Stored items
____________________

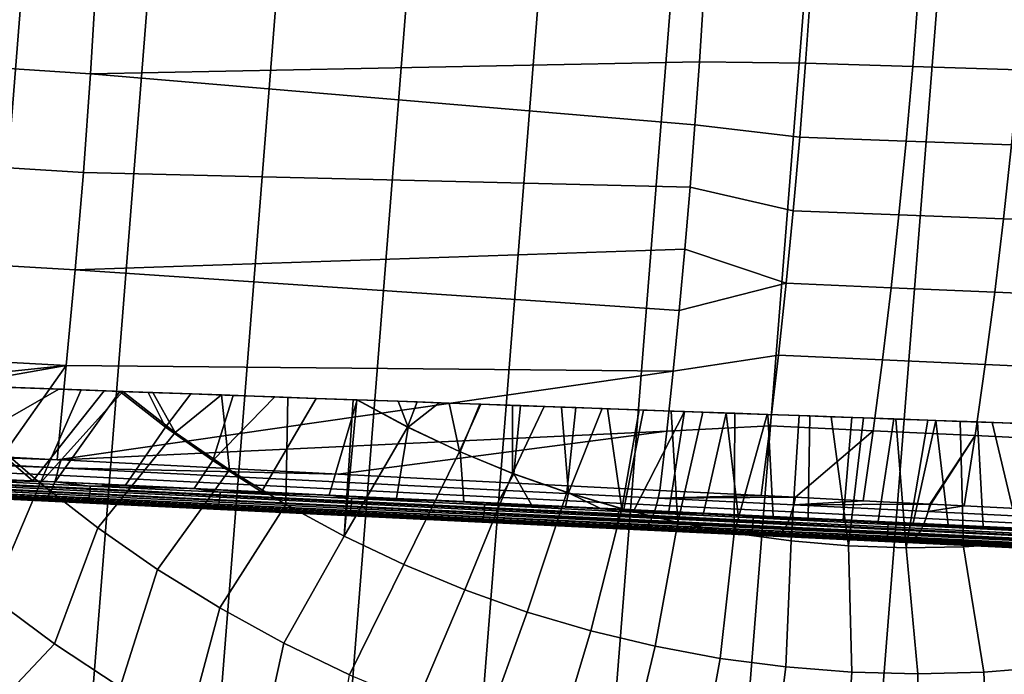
# Model space of a CAD drawing. Header units: metres. Extents: x -167 to 28, y -27 to 27.
# Tile 245 of 303: x -9.56 to 0.93, y -13.43 to -6.46. Entities that reach past the tile are written whole.
import ezdxf

# ---------------------------------------------------------------- set-up
doc = ezdxf.new("R2010")
doc.units = ezdxf.units.M
doc.layers.add('solid_12_065_021_XXX', color=7, linetype='CONTINUOUS')

msp = doc.modelspace()

# ---------------------------------------------------------------- linework, layer by layer
at = {"layer": 'solid_12_065_021_XXX'}
for points in [[(-6.976521, -25.666178, 0.2), (-2.851502, 26.444155, 0.2), (-1.438912, 26.558498, 0.2), (-5.599999, -26.00124, 0.2)], [(-5.599999, -26.00124, 0.2), (-1.438912, 26.558498, 0.2), (-0.022623, 26.597439, 0.2), (-4.207098, -26.262609, 0.2)], [(-4.207098, -26.262609, 0.2), (-0.022623, 26.597439, 0.2), (1.392003, 26.561003, 0.2), (-2.802653, -26.449375, 0.2)], [(2.802653, 26.449375, 0.2), (-1.392003, -26.561003, 0.2), (-2.802653, -26.449375, 0.2), (1.392003, 26.561003, 0.2)], [(-8.333064, -25.258354, 0.2), (-4.255505, 26.254814, 0.2), (-2.851502, 26.444155, 0.2), (-6.976521, -25.666178, 0.2)], [(4.207098, 26.262609, 0.2), (0.022623, -26.597439, 0.2), (-1.392003, -26.561003, 0.2), (2.802653, 26.449375, 0.2)], [(-9.666076, -24.778851, 0.2), (-5.647253, 25.991018, 0.2), (-4.255505, 26.254814, 0.2), (-8.333064, -25.258354, 0.2)], [(5.599999, 26.00124, 0.2), (1.438912, -26.558498, 0.2), (0.022623, -26.597439, 0.2), (4.207098, 26.262609, 0.2)], [(-10.971596, -24.229086, 0.2), (-7.02309, 25.653473, 0.2), (-5.647253, 25.991018, 0.2), (-9.666076, -24.778851, 0.2)], [(-12.24579, -23.610701, 0.2), (-8.378925, 25.243179, 0.2), (-7.02309, 25.653473, 0.2), (-10.971596, -24.229086, 0.2)], [(-13.485169, -22.925415, 0.2), (-9.71078, 24.761368, 0.2), (-8.378925, 25.243179, 0.2), (-12.24579, -23.610701, 0.2)], [(-8.807904, -7.035234, 153.617996), (-8.743108, -5.973101, 153.877182), (-15.207881, -5.525431, 155.606339), (-15.268034, -6.610181, 155.365585)], [(-8.743108, -5.973101, 153.877182), (-8.807904, -7.035234, 153.617996), (-2.320276, -6.906365, 152.008209), (-2.277478, -6.230192, 152.179504)], [(-1.187665, -6.919874, 151.700073), (-1.131949, -6.122397, 151.900238), (-2.277478, -6.230192, 152.179504), (-2.320276, -6.906365, 152.008209)], [(-0.046562, -6.95661, 151.349228), (0.015567, -6.155287, 151.551102), (-1.131949, -6.122397, 151.900238), (-1.187665, -6.919874, 151.700073)], [(1.084001, -6.993408, 150.967102), (1.152722, -6.188261, 151.170624), (0.015567, -6.155287, 151.551102), (-0.046562, -6.95661, 151.349228)], [(-8.883224, -8.085531, 153.316711), (-8.807904, -7.035234, 153.617996), (-15.268034, -6.610181, 155.365585), (-15.338871, -7.683966, 155.082047)], [(-8.807904, -7.035234, 153.617996), (-2.367476, -7.577638, 151.819321), (-2.320276, -6.906365, 152.008209)], [(-1.250161, -7.710321, 151.475555), (-1.187665, -6.919874, 151.700073), (-2.320276, -6.906365, 152.008209), (-2.367476, -7.577638, 151.819321)], [(-0.116245, -7.7507, 151.122803), (-0.046562, -6.95661, 151.349228), (-1.187665, -6.919874, 151.700073), (-1.250161, -7.710321, 151.475555)], [(1.006934, -7.791109, 150.738861), (1.084001, -6.993408, 150.967102), (-0.046562, -6.95661, 151.349228), (-0.116245, -7.7507, 151.122803)], [(-8.807904, -7.035234, 153.617996), (-8.883224, -8.085531, 153.316711), (-2.41906, -8.243546, 151.612961), (-2.367476, -7.577638, 151.819321)], [(-1.319375, -8.492934, 151.226883), (-1.250161, -7.710321, 151.475555), (-2.367476, -7.577638, 151.819321), (-2.41906, -8.243546, 151.612961)], [(-8.968941, -9.122232, 152.973862), (-8.883224, -8.085531, 153.316711), (-15.338871, -7.683966, 155.082047), (-15.420282, -8.745019, 154.756165)], [(-0.193407, -8.536734, 150.872055), (-0.116245, -7.7507, 151.122803), (-1.250161, -7.710321, 151.475555), (-1.319375, -8.492934, 151.226883)], [(0.921607, -8.580515, 150.48613), (1.006934, -7.791109, 150.738861), (-0.116245, -7.7507, 151.122803), (-0.193407, -8.536734, 150.872055)], [(2.024778, -8.624265, 150.069443), (2.118494, -7.831534, 150.324051), (1.006934, -7.791109, 150.738861), (0.921607, -8.580515, 150.48613)], [(-8.883224, -8.085531, 153.316711), (-8.968941, -9.122232, 152.973862), (-2.474967, -8.903582, 151.389267), (-2.41906, -8.243546, 151.612961)], [(-1.395229, -9.266929, 150.954361), (-1.319375, -8.492934, 151.226883), (-2.41906, -8.243546, 151.612961), (-2.474967, -8.903582, 151.389267)], [(-0.277957, -9.313905, 150.59729), (-0.193407, -8.536734, 150.872055), (-1.319375, -8.492934, 151.226883), (-1.395229, -9.266929, 150.954361)], [(0.828124, -9.360803, 150.209229), (0.921607, -8.580515, 150.48613), (-0.193407, -8.536734, 150.872055), (-0.277957, -9.313905, 150.59729)], [(1.92212, -9.407605, 149.790512), (2.024778, -8.624265, 150.069443), (0.921607, -8.580515, 150.48613), (0.828124, -9.360803, 150.209229)], [(-9.06491, -10.143597, 152.590012), (-8.968941, -9.122232, 152.973862), (-15.420282, -8.745019, 154.756165), (-15.512125, -9.791584, 154.388474)], [(-8.968941, -9.122232, 152.973862), (-2.535149, -9.557253, 151.148422), (-2.474967, -8.903582, 151.389267)], [(-1.395229, -9.266929, 150.954361), (-2.474967, -8.903582, 151.389267), (-2.535149, -9.557253, 151.148422)], [(-8.968941, -9.122232, 152.973862), (-9.06491, -10.143597, 152.590012), (-2.599548, -10.204065, 150.890579), (-2.535149, -9.557253, 151.148422)], [(-1.395229, -9.266929, 150.954361), (-2.535149, -9.557253, 151.148422), (-2.599548, -10.204065, 150.890579), (-1.477644, -10.031522, 150.658249)], [(-0.369805, -10.081411, 150.298798), (-0.277957, -9.313905, 150.59729), (-1.395229, -9.266929, 150.954361), (-1.477644, -10.031522, 150.658249)], [(0.72659, -10.131147, 149.908463), (0.828124, -9.360803, 150.209229), (-0.277957, -9.313905, 150.59729), (-0.369805, -10.081411, 150.298798)], [(1.81064, -10.180708, 149.487595), (1.92212, -9.407605, 149.790512), (0.828124, -9.360803, 150.209229), (0.72659, -10.131147, 149.908463)], [(-15.556001, -10.824699, 153.963348), (-9.06491, -10.143597, 152.590012), (-15.512125, -9.791584, 154.388474), (-15.594669, -10.822748, 153.974152)], [(-1.477644, -10.031522, 150.658249), (-2.599548, -10.204065, 150.890579), (-2.66817, -10.843518, 150.615936), (-1.566539, -10.78593, 150.338852)], [(-0.468856, -10.838453, 149.976868), (-0.369805, -10.081411, 150.298798), (-1.477644, -10.031522, 150.658249), (-1.566539, -10.78593, 150.338852)], [(-13.493979, -10.928847, 153.385605), (-9.06491, -10.143597, 152.590012), (-15.556001, -10.824699, 153.963348)], [(-13.493979, -10.928847, 153.385605), (-9.751157, -11.118373, 152.330276), (-9.06491, -10.143597, 152.590012)], [(-9.751157, -11.118373, 152.330276), (-9.16037, -11.148346, 152.162811), (-9.06491, -10.143597, 152.590012)], [(-9.16037, -11.148346, 152.162811), (-2.599548, -10.204065, 150.890579), (-9.06491, -10.143597, 152.590012)], [(0.617114, -10.890729, 149.584137), (0.72659, -10.131147, 149.908463), (-0.369805, -10.081411, 150.298798), (-0.468856, -10.838453, 149.976868)], [(1.69046, -10.942731, 149.160995), (1.81064, -10.180708, 149.487595), (0.72659, -10.131147, 149.908463), (0.617114, -10.890729, 149.584137)], [(-9.120943, -11.150347, 152.151627), (-2.66817, -10.843518, 150.615936), (-2.599548, -10.204065, 150.890579), (-9.16037, -11.148346, 152.162811)], [(-10.160053, -10.359036, 141.635864), (-9.702366, -10.375412, 141.004745), (-8.904657, -10.40393, 141.278824), (-9.143926, -10.395361, 141.989655)], [(-10.160053, -10.359036, 141.635864), (-9.143926, -10.395361, 141.989655), (-9.99145, -10.881031, 141.490341)], [(-9.702366, -10.375412, 141.004745), (-9.932806, -10.888111, 140.70462), (-9.344517, -11.397, 140.70462), (-8.904657, -10.40393, 141.278824)], [(-9.143926, -10.395361, 141.989655), (-8.661608, -10.412603, 142.142487), (-9.421577, -11.372649, 141.492661), (-9.99145, -10.881031, 141.490341)], [(-8.661608, -10.412603, 142.142487), (-8.494047, -10.418593, 142.19339), (-9.18243, -11.384142, 141.572037), (-9.421577, -11.372649, 141.492661)], [(-9.344517, -11.397, 140.70462), (-8.462814, -10.419724, 141.419022), (-8.904657, -10.40393, 141.278824)], [(-9.344517, -11.397, 140.70462), (-8.730199, -11.874142, 140.70462), (-7.906552, -10.855662, 141.415771), (-8.462814, -10.419724, 141.419022)], [(-8.494047, -10.418593, 142.19339), (-8.007877, -10.80022, 142.191971), (-8.435211, -11.420159, 141.804581), (-9.18243, -11.384142, 141.572037)], [(-9.143926, -10.395361, 141.989655), (-8.904657, -10.40393, 141.278824), (-8.462814, -10.419724, 141.419022), (-8.661608, -10.412603, 142.142487)], [(-8.661608, -10.412603, 142.142487), (-8.462814, -10.419724, 141.419022), (-8.494047, -10.418593, 142.19339)], [(-8.494047, -10.418593, 142.19339), (-8.462814, -10.419724, 141.419022), (-8.144146, -10.431117, 141.515015), (-8.193659, -10.429333, 142.281738)], [(-8.193659, -10.429333, 142.281738), (-8.007877, -10.80022, 142.191971), (-8.494047, -10.418593, 142.19339)], [(-8.144146, -10.431117, 141.515015), (-8.462814, -10.419724, 141.419022), (-7.906552, -10.855662, 141.415771)], [(-8.193659, -10.429333, 142.281738), (-8.144146, -10.431117, 141.515015), (-7.41255, -10.457272, 141.719727), (-7.736665, -10.44567, 142.409332)], [(-8.193659, -10.429333, 142.281738), (-7.736665, -10.44567, 142.409332), (-8.007877, -10.80022, 142.191971)], [(-7.41255, -10.457272, 141.719727), (-8.144146, -10.431117, 141.515015), (-7.906552, -10.855662, 141.415771)], [(-7.736665, -10.44567, 142.409332), (-7.287304, -10.461735, 142.526764), (-7.503814, -11.156963, 142.191711), (-8.007877, -10.80022, 142.191971)], [(-7.41255, -10.457272, 141.719727), (-7.906552, -10.855662, 141.415771), (-7.325942, -11.255646, 141.415771)], [(-7.736665, -10.44567, 142.409332), (-7.41255, -10.457272, 141.719727), (-7.287304, -10.461735, 142.526764)], [(-7.287304, -10.461735, 142.526764), (-6.842969, -10.47762, 142.635147), (-7.503814, -11.156963, 142.191711)], [(-6.842969, -10.47762, 142.635147), (-6.40194, -10.493387, 142.735214), (-6.983924, -11.49009, 142.191483), (-7.503814, -11.156963, 142.191711)], [(-7.41255, -10.457272, 141.719727), (-7.325942, -11.255646, 141.415771), (-6.72514, -11.624606, 141.415771), (-6.702992, -10.482638, 141.897598)], [(-6.842969, -10.47762, 142.635147), (-7.287304, -10.461735, 142.526764), (-7.41255, -10.457272, 141.719727), (-6.702992, -10.482638, 141.897598)], [(-6.842969, -10.47762, 142.635147), (-6.702992, -10.482638, 141.897598), (-6.009209, -10.507442, 142.052277), (-6.40194, -10.493387, 142.735214)], [(-6.702992, -10.482638, 141.897598), (-6.72514, -11.624606, 141.415771), (-6.105803, -11.961528, 141.415771), (-6.009209, -10.507442, 142.052277)], [(-6.40194, -10.493387, 142.735214), (-5.966895, -10.508941, 142.82666), (-6.263111, -11.524819, 142.352783), (-6.983924, -11.49009, 142.191483)], [(-5.966895, -10.508941, 142.82666), (-6.40194, -10.493387, 142.735214), (-6.009209, -10.507442, 142.052277), (-5.97007, -10.508841, 142.060455)], [(-5.966895, -10.508941, 142.82666), (-5.423846, -10.800012, 142.82637), (-5.547354, -11.559299, 142.493164), (-6.263111, -11.524819, 142.352783)], [(-6.105803, -11.961528, 141.415771), (-5.97007, -10.508841, 142.060455), (-6.009209, -10.507442, 142.052277)], [(-6.105803, -11.961528, 141.415771), (-5.429927, -10.798944, 142.060013), (-5.97007, -10.508841, 142.060455)], [(-5.325903, -10.531871, 142.186356), (-5.97007, -10.508841, 142.060455), (-5.429927, -10.798944, 142.060013)], [(-5.527596, -10.524646, 142.911789), (-5.966895, -10.508941, 142.82666), (-5.97007, -10.508841, 142.060455), (-5.325903, -10.531871, 142.186356)], [(-5.527596, -10.524646, 142.911789), (-5.423846, -10.800012, 142.82637), (-5.966895, -10.508941, 142.82666)], [(-5.527596, -10.524646, 142.911789), (-5.325903, -10.531871, 142.186356), (-4.986826, -10.543993, 142.246231), (-5.09278, -10.540192, 142.988953)], [(-5.527596, -10.524646, 142.911789), (-5.09278, -10.540192, 142.988953), (-5.423846, -10.800012, 142.82637)], [(-5.325903, -10.531871, 142.186356), (-5.429927, -10.798944, 142.060013), (-4.875908, -11.060146, 142.060013), (-4.986826, -10.543993, 142.246231)], [(-5.09278, -10.540192, 142.988953), (-4.658541, -10.555717, 143.059036), (-4.8667, -11.062986, 142.82608), (-5.423846, -10.800012, 142.82637)], [(-5.09278, -10.540192, 142.988953), (-4.986826, -10.543993, 142.246231), (-4.64872, -10.556082, 142.30159), (-4.658541, -10.555717, 143.059036)], [(-4.64872, -10.556082, 142.30159), (-4.986826, -10.543993, 142.246231), (-4.875908, -11.060146, 142.060013)], [(-4.311215, -10.568148, 142.352539), (-4.64872, -10.556082, 142.30159), (-4.875908, -11.060146, 142.060013), (-4.30937, -11.292947, 142.060013)], [(-4.658541, -10.555717, 143.059036), (-4.224271, -10.571242, 143.122192), (-4.296884, -11.297241, 142.825775), (-4.8667, -11.062986, 142.82608)], [(-4.224271, -10.571242, 143.122192), (-4.658541, -10.555717, 143.059036), (-4.64872, -10.556082, 142.30159), (-4.311215, -10.568148, 142.352539)], [(-3.973934, -10.580207, 142.39917), (-4.311215, -10.568148, 142.352539), (-4.30937, -11.292947, 142.060013)], [(-4.224271, -10.571242, 143.122192), (-4.311215, -10.568148, 142.352539), (-3.973934, -10.580207, 142.39917)], [(-3.63651, -10.59227, 142.441574), (-3.973934, -10.580207, 142.39917), (-4.30937, -11.292947, 142.060013), (-3.731765, -11.496749, 142.060013)], [(-4.224271, -10.571242, 143.122192), (-3.789546, -10.586784, 143.178543), (-3.715875, -11.50217, 142.82547), (-4.296884, -11.297241, 142.825775)], [(-4.224271, -10.571242, 143.122192), (-3.973934, -10.580207, 142.39917), (-3.63651, -10.59227, 142.441574), (-3.789546, -10.586784, 143.178543)], [(-3.789546, -10.586784, 143.178543), (-3.63651, -10.59227, 142.441574), (-3.298733, -10.604347, 142.479767), (-3.35378, -10.602365, 143.228134)], [(-3.789546, -10.586784, 143.178543), (-3.35378, -10.602365, 143.228134), (-3.715875, -11.50217, 142.82547)], [(-3.63651, -10.59227, 142.441574), (-3.731765, -11.496749, 142.060013), (-3.144578, -11.67103, 142.060013), (-3.298733, -10.604347, 142.479767)], [(-3.35378, -10.602365, 143.228134), (-2.916314, -10.618006, 143.271042), (-3.125489, -11.675995, 142.825653), (-3.715875, -11.50217, 142.82547)], [(-2.916314, -10.618006, 143.271042), (-3.35378, -10.602365, 143.228134), (-3.298733, -10.604347, 142.479767), (-2.960361, -10.616445, 142.513794)], [(-2.960361, -10.616445, 142.513794), (-3.298733, -10.604347, 142.479767), (-3.144578, -11.67103, 142.060013)], [(-2.960361, -10.616445, 142.513794), (-3.144578, -11.67103, 142.060013), (-2.549315, -11.815342, 142.060013), (-2.621257, -10.628569, 142.543655)], [(-2.916314, -10.618006, 143.271042), (-2.476796, -10.633719, 143.30722), (-3.013987, -11.681383, 142.835754), (-3.125489, -11.675995, 142.825653)], [(-2.476796, -10.633719, 143.30722), (-2.646059, -11.699103, 142.86586), (-3.013987, -11.681383, 142.835754)], [(-2.476796, -10.633719, 143.30722), (-2.916314, -10.618006, 143.271042), (-2.960361, -10.616445, 142.513794), (-2.621257, -10.628569, 142.543655)], [(-2.476796, -10.633719, 143.30722), (-2.035052, -10.649514, 143.336624), (-2.276789, -11.716915, 142.891113), (-2.646059, -11.699103, 142.86586)], [(-2.281383, -10.64072, 142.569336), (-2.621257, -10.628569, 142.543655), (-2.549315, -11.815342, 142.060013)], [(-2.476796, -10.633719, 143.30722), (-2.621257, -10.628569, 142.543655), (-2.281383, -10.64072, 142.569336)], [(-1.940681, -10.652902, 142.590836), (-2.281383, -10.64072, 142.569336), (-2.549315, -11.815342, 142.060013), (-1.947507, -11.929314, 142.060013)], [(-2.476796, -10.633719, 143.30722), (-2.281383, -10.64072, 142.569336), (-1.940681, -10.652902, 142.590836), (-2.035052, -10.649514, 143.336624)], [(-2.035052, -10.649514, 143.336624), (-1.906018, -11.734763, 142.911514), (-2.276789, -11.716915, 142.891113)], [(-1.591022, -10.66539, 143.359177), (-2.035052, -10.649514, 143.336624), (-1.940681, -10.652902, 142.590836), (-1.599221, -10.665111, 142.608109)], [(-2.035052, -10.649514, 143.336624), (-1.591022, -10.66539, 143.359177), (-1.534163, -11.752693, 142.926971), (-1.906018, -11.734763, 142.911514)], [(-1.599221, -10.665111, 142.608109), (-1.940681, -10.652902, 142.590836), (-1.947507, -11.929314, 142.060013)], [(-1.257111, -10.677342, 142.621155), (-1.599221, -10.665111, 142.608109), (-1.947507, -11.929314, 142.060013), (-1.340698, -12.012653, 142.060013)], [(-1.144452, -10.681356, 143.374786), (-1.591022, -10.66539, 143.359177), (-1.599221, -10.665111, 142.608109), (-1.257111, -10.677342, 142.621155)], [(-1.591022, -10.66539, 143.359177), (-1.144452, -10.681356, 143.374786), (-1.161487, -11.770653, 142.937454), (-1.534163, -11.752693, 142.926971)], [(-1.257111, -10.677342, 142.621155), (-1.340698, -12.012653, 142.060013), (-0.730446, -12.065146, 142.060013), (-0.914484, -10.689592, 142.629929)], [(-0.695776, -10.697399, 143.383331), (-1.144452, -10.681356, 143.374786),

____________________

## WHAT YOU WILL DO
Print out the entries above word for word from the first line to the line containing "import ezdxf", both included, omitting the pictures.

## TASK ANSWER
# Model space of a CAD drawing. Header units: metres. Extents: x -167 to 28, y -27 to 27.
# Tile 245 of 303: x -9.56 to 0.93, y -13.43 to -6.46. Entities that reach past the tile are written whole.
import ezdxf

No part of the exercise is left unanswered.